# Identification of snake please



## Banjo (May 21, 2011)

Hi All, I found this dead snake on a bike track in the Browns Plains area (SE QLD), roughly 20cm long. Sad thing is you can see where someone has on purpose skidded a bicycle over it. 
View attachment 201137
View attachment 201138
View attachment 201140
View attachment 201139


----------



## Snakester (May 21, 2011)

Boiga irregularis?? That would be my guess


----------



## myusername (May 21, 2011)

Looks like a keelback. Can you get a shot of the head from the side?


----------



## kawasakirider (May 21, 2011)

I put a snake up to ID not so long ago. Looked like that and everyone said it was a keelback. I could be getting it confused with a rough scale, but yours looks similar to what I posted.


----------



## Banjo (May 21, 2011)

View attachment 201141
Here you go picture from side on.


----------



## jordanmulder (May 21, 2011)

keelback


----------



## Banjo (May 21, 2011)

I have just been looking on google and they are very close when looking at the keelback and brown tree snake for identifying.
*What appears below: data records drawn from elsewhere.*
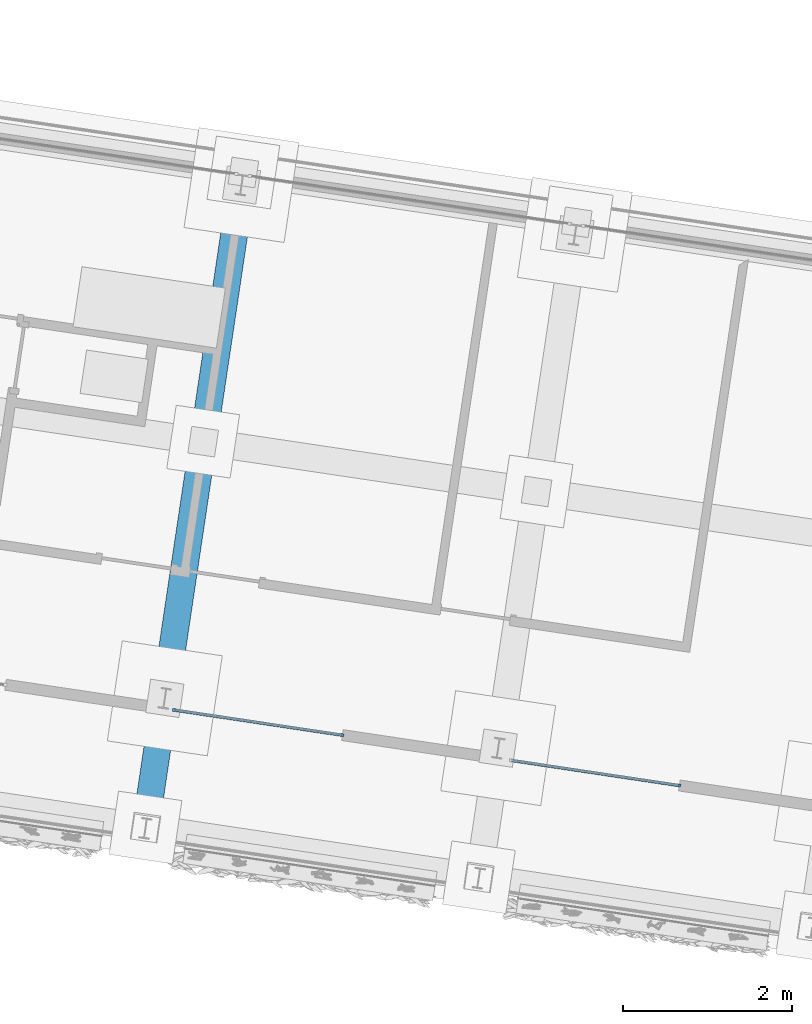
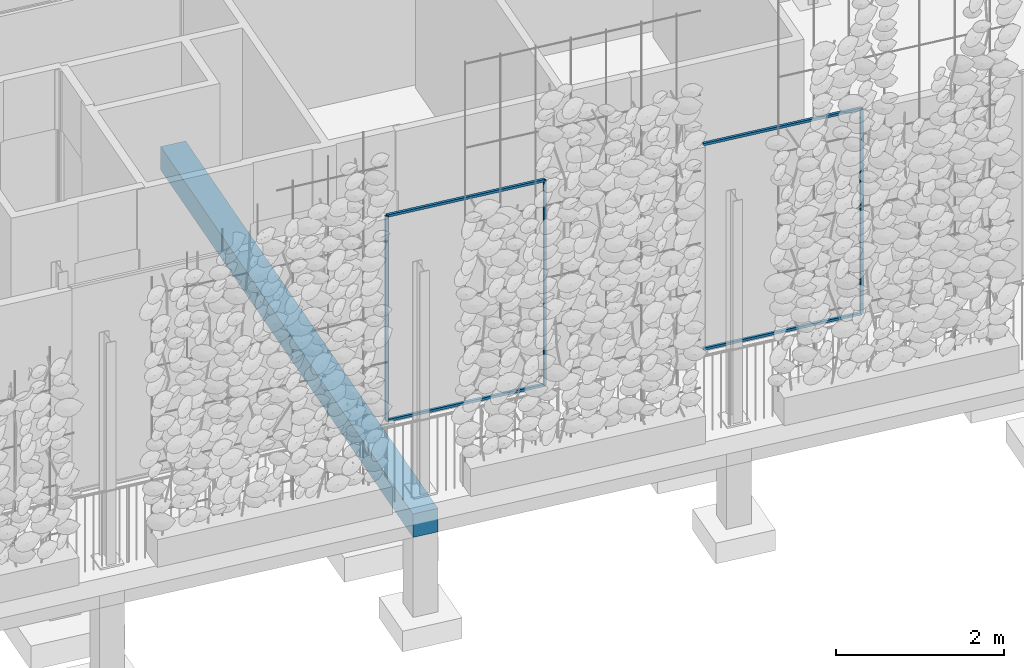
# One storey, part 81 of 142: 7 members, 1 beam, 1 element without a shape of its own.
"""IFC4 building model written with IfcOpenShell, lengths in metres."""

from ifc_helpers import new_model, si_unit, direction, frame, origin_with_axes, place, context, subcontext, project, spatial, polyline, rectangle, outline, extrude, material, material_profile, profile_set, profile_usage, type_object, element, aggregate, save


model = new_model("IFC4")

# Units and contexts
model_context = context("Model", 3, precision=1e-05, world=origin_with_axes(), true_north=direction((0.0, 1.0)))
body_context = subcontext(model_context, "Body", "Model", "MODEL_VIEW")
ifc_project = project(units=[si_unit("AREAUNIT", "SQUARE_METRE"), si_unit("VOLUMEUNIT", "CUBIC_METRE"), si_unit("LENGTHUNIT", "METRE")], contexts=[model_context])

# Site, building, storey
site_placement = place(None, origin_with_axes())
site = spatial("IfcSite", under=ifc_project, at=site_placement, Name="Lares · Rua das Mercês · artigo 4771")
building_placement = place(site_placement, frame((15.0, 9.7, 14.65), z_axis=(0.0, 0.0, 1.0), x_axis=(0.989015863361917, -0.147809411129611, 0.0)))
building = spatial("IfcBuilding", under=site, at=building_placement, Name="Casa Sobreposta")
storey_placement = place(building_placement, origin_with_axes())
storey = spatial("IfcBuildingStorey", under=building, at=storey_placement, Name="00 · Habitação e estacionamento", Elevation=14.65)

# Members
ifc_material_1 = material(Name="Aço pintado / Stahl lackiert", Category="steel")
ifc_material_profile = material_profile(ifc_material_1, rectangle(XDim=0.035, YDim=0.035))
ifc_profile_set = profile_set([ifc_material_profile], Name="R0.035")
ifc_profile_usage_1 = profile_usage(ifc_profile_set)
member_type = type_object("IfcMemberType", Name="R0.035 / steel", PredefinedType="NOTDEFINED", material=ifc_profile_set)
member_1_placement = place(storey_placement, frame((12.128, 0.0, 0.0), z_axis=(0.0, 0.0, 1.0), x_axis=(1.0, 0.0, 0.0)))
element("IfcMember", 1, at=member_1_placement, inside=storey, type_object=member_type, material=ifc_profile_usage_1, Name="Folha de correr sul 6 · montante", context=body_context, shape_type="SweptSolid", body=[
    extrude(rectangle(XDim=0.035, YDim=0.035), origin_with_axes(), (0.0, 0.0, 1.0), 2.968),
])
ifc_profile_usage_2 = profile_usage(ifc_profile_set)
member_2_placement = place(storey_placement, frame((14.1493333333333, 0.0, 0.0), z_axis=(0.0, 0.0, 1.0), x_axis=(1.0, 0.0, 0.0)))
element("IfcMember", 2, at=member_2_placement, inside=storey, type_object=member_type, material=ifc_profile_usage_2, Name="Folha de correr sul 6 · montante", context=body_context, shape_type="SweptSolid", body=[
    extrude(rectangle(XDim=0.035, YDim=0.035), origin_with_axes(), (0.0, 0.0, 1.0), 2.968),
])
ifc_profile_usage_3 = profile_usage(ifc_profile_set)
member_3_placement = place(storey_placement, frame((12.128, 0.0, 0.0), z_axis=(1.0, 0.0, 0.0), x_axis=(0.0, -1.0, 0.0)))
element("IfcMember", 3, at=member_3_placement, inside=storey, type_object=member_type, material=ifc_profile_usage_3, Name="Folha de correr sul 6 · travessa", context=body_context, shape_type="SweptSolid", body=[
    extrude(rectangle(XDim=0.035, YDim=0.035), origin_with_axes(), (0.0, 0.0, 1.0), 2.02133333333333),
])
ifc_profile_usage_4 = profile_usage(ifc_profile_set)
member_4_placement = place(storey_placement, frame((12.128, 0.0, 2.968), z_axis=(1.0, 0.0, 0.0), x_axis=(0.0, -1.0, 0.0)))
element("IfcMember", 4, at=member_4_placement, inside=storey, type_object=member_type, material=ifc_profile_usage_4, Name="Folha de correr sul 6 · travessa", context=body_context, shape_type="SweptSolid", body=[
    extrude(rectangle(XDim=0.035, YDim=0.035), origin_with_axes(), (0.0, 0.0, 1.0), 2.02133333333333),
])
ifc_profile_usage_5 = profile_usage(ifc_profile_set)
member_5_placement = place(storey_placement, frame((18.192, 0.0, 0.0), z_axis=(0.0, 0.0, 1.0), x_axis=(1.0, 0.0, 0.0)))
element("IfcMember", 5, at=member_5_placement, inside=storey, type_object=member_type, material=ifc_profile_usage_5, Name="Folha de correr sul 8 · montante", context=body_context, shape_type="SweptSolid", body=[
    extrude(rectangle(XDim=0.035, YDim=0.035), origin_with_axes(), (0.0, 0.0, 1.0), 2.968),
])
ifc_profile_usage_6 = profile_usage(ifc_profile_set)
member_6_placement = place(storey_placement, frame((16.1706666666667, 0.0, 0.0), z_axis=(1.0, 0.0, 0.0), x_axis=(0.0, -1.0, 0.0)))
element("IfcMember", 6, at=member_6_placement, inside=storey, type_object=member_type, material=ifc_profile_usage_6, Name="Folha de correr sul 8 · travessa", context=body_context, shape_type="SweptSolid", body=[
    extrude(rectangle(XDim=0.035, YDim=0.035), origin_with_axes(), (0.0, 0.0, 1.0), 2.02133333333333),
])
ifc_profile_usage_7 = profile_usage(ifc_profile_set)
member_7_placement = place(storey_placement, frame((16.1706666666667, 0.0, 2.968), z_axis=(1.0, 0.0, 0.0), x_axis=(0.0, -1.0, 0.0)))
element("IfcMember", 7, at=member_7_placement, inside=storey, type_object=member_type, material=ifc_profile_usage_7, Name="Folha de correr sul 8 · travessa", context=body_context, shape_type="SweptSolid", body=[
    extrude(rectangle(XDim=0.035, YDim=0.035), origin_with_axes(), (0.0, 0.0, 1.0), 2.02133333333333),
])

# Assembly, beam
assembly_placement = place(storey_placement, origin_with_axes())
assembly = element("IfcElementAssembly", 8, at=assembly_placement, inside=storey, Name="Pódio · terraço, casa térrea e cisterna", ObjectType="CISTERN_PODIUM", PredefinedType="USERDEFINED")
ifc_material_2 = material(Name="Betão armado / Stahlbeton", Category="concrete")
beam_placement = place(assembly_placement, frame((0.0, 0.0, -0.59), z_axis=(0.0, 0.0, 1.0), x_axis=(1.0, 0.0, 0.0)))
beam = element("IfcBeam", 9, at=beam_placement, material=ifc_material_2, Name="Pódio suspenso · viga transversal", context=body_context, shape_type="SweptSolid", body=[
    extrude(outline(polyline([(12.16, -1.59), (12.16, 6.59), (11.84, 6.59), (11.84, -1.59), (12.16, -1.59)])), origin_with_axes(), (0.0, 0.0, 1.0), 0.34),
])
aggregate(assembly, [beam])

save(model, "model.ifc")

Would this be more difficult when they are very young?


----------



## jase75 (May 21, 2011)

It's a Keelback.


----------



## saximus (May 21, 2011)

Are the scales "keeled"? I'd say it's definitely a keelback. BTS look quite different. Especially the eyes


----------



## Snakeluvver2 (May 21, 2011)

Check out that smile!


----------



## Banjo (May 21, 2011)

Jannico said:


> Check out that smile!



Yeah, poor bugger is resting in peace.


----------



## dihsmaj (May 21, 2011)

Keelbacks smile... but you wouldn't want to get too close to an unidentified snake that could either be smiling... or not.


----------



## waruikazi (May 21, 2011)

Keelback, no doubting.

BTS don't have keeled scales, have a triangular body and clean bellies.


----------



## Banjo (May 21, 2011)

Plimpy said:


> Keelbacks smile... but you wouldn't want to get too close to an unidentified snake that could either be smiling... or not.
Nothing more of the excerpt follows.